In 1939, Boston Bruins superstar defenseman Eddie Shore purchased the team. He split games between the Bruins and the Indians, even going so far as to provoke a trade to the New York Americans to make the train commute easier. He retired from the NHL after that season, but played for Springfield for two more seasons.

The Great Depression caused cutbacks all around, and the Can-Am merged with the International Hockey League to form the International-American Hockey League, which changed its name to the American Hockey League, having lost its last Canadian franchises, in 1941.

Despite early stars like Shore, Fred Thurier, Frank Beisler and Pete Kelly, success eluded the Indians on the ice. However, in the 1941–42 season, the Indians finished in first place.

Disaster struck for the team in the following season. With World War II, the United States army requisitioned the Eastern States Coliseum, Springfield's home arena, for the war effort, leaving the Indians without a home. Shore loaned Indians players to the Buffalo Bisons for the duration, returning the players to Springfield for the 1946–47 season. However, on ice success continued to elude the team, and despite the presence of stars such as Harry Pidhirny and Jim Anderson the franchise failed to have a winning record for another decade, including a temporary franchise relocation as the Syracuse Warriors from 1951 to 1954.

During those three seasons, Shore fielded a Springfield team in the low-minor Eastern Amateur Hockey League and later the Quebec Hockey League using the Indians name.Led by future Boston Bruins goaltender Don Simmons, scoring leader Vern Pachal, and player–coach Doug McMurdy, the EAHL Indians finished 3rd and 1st their two seasons in the loop, but finished in last place in 1954 in the QHL, the only team in the loop ever located outside of the province of Quebec.

Meanwhile, disappointed with attendance in Syracuse, Shore moved the AHL franchise back to Springfield – disbanding the QHL team – for good for the 1955 season. The team's few superlatives for the rest of the decade included the 1955 season – during which Ross Lowe won the only league MVP award in franchise history and Anderson was named rookie of the year – and All-Star Team citations to Eldie Kobussen at center in 1948, Billy Gooden in 1951, Lowe, Gordon Tottle and Don Simmons in 1955, Gerry Ehman and Cal Gardner in 1958, and Pidhirny in 1959.

=="They could have played in the NHL ... "==

Owner Eddie Shore at the Eastern States Coliseum with the Springfield Indians' (still) record three consecutive (1959–60 through 1961–62) Calder Cup championship banners.
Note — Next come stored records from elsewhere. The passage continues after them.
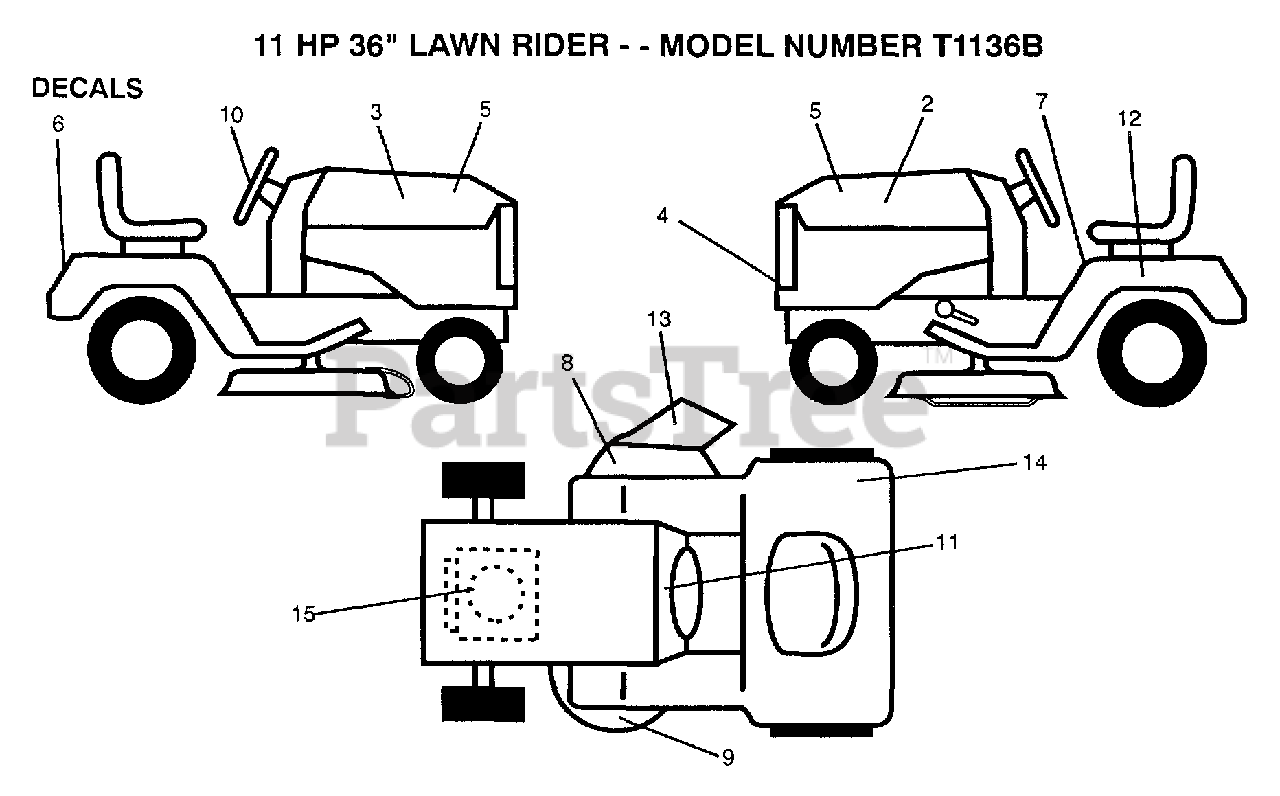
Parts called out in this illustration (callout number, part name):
2	DECAL, HOOD, L.H.
3	DECAL, HOOD, R.H.
4	"DECAL,GRILL"
6	FENDER DECAL
7	DECAL
8	DECAL WARNING
9	DECAL YT
10	"DECAL,STR WHL T"
12	DECAL
13	DECAL WARNING
15	DECAL.ENG.27164
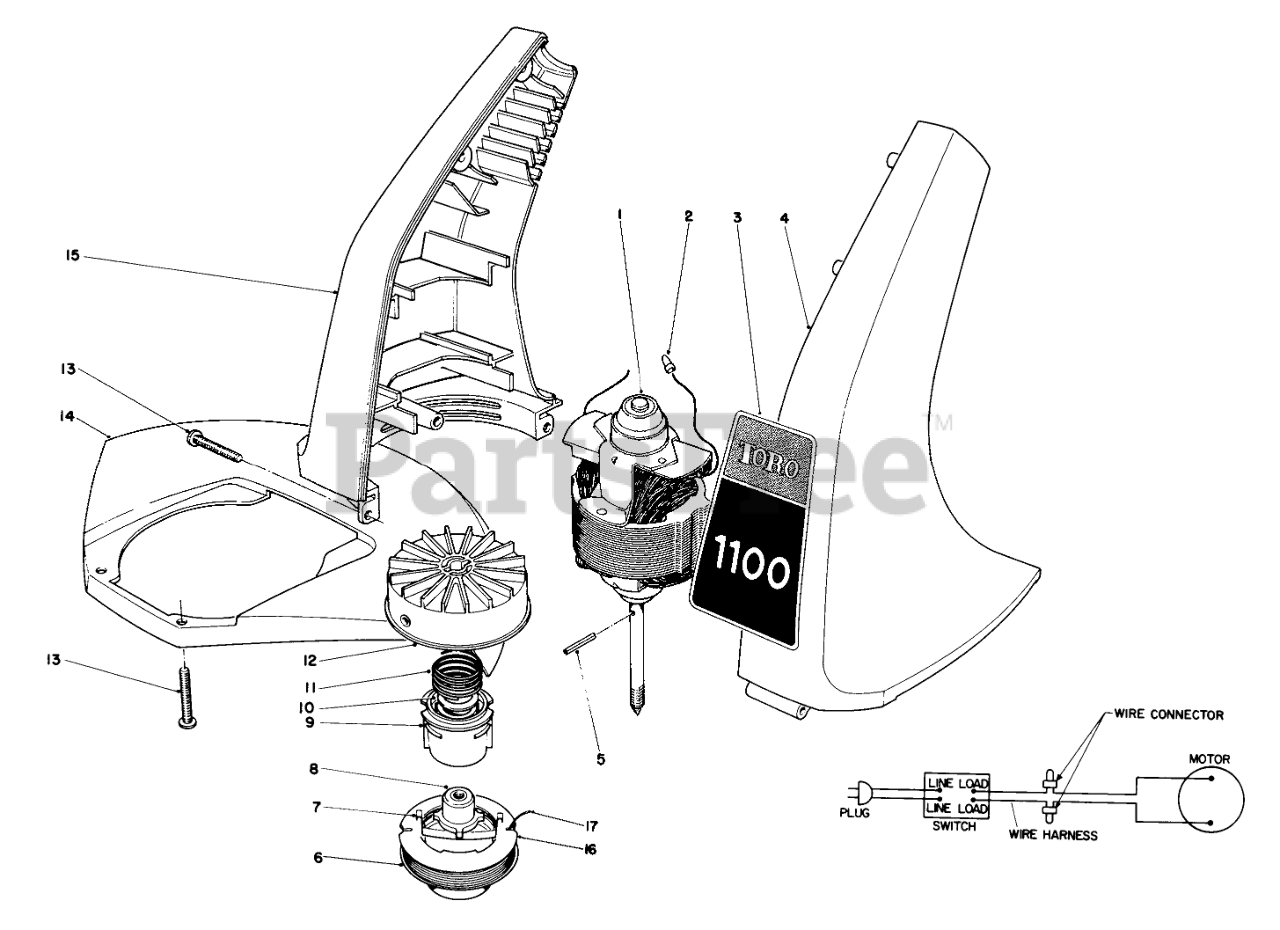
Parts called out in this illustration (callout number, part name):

Matters turned around in the 1959–60 season. Behind an affiliation with the Rangers bringing stars Bill Sweeney and goaltender Marcel Paille over from Providence, and forwards Pidhirny, Anderson, Ken Schinkel, Bruce Cline, Brian Kilrea, and defensemen Ted Harris, Kent Douglas, Noel Price and Bob McCord, the Indians put together the most dominant run in AHL history. They finished with the best record in the AHL for three years in a row and won three straight Calder Cups, losing only five playoff games in that span. No AHL team before or since has finished with the league's best record for three years in a row or won three straight Calder Cups.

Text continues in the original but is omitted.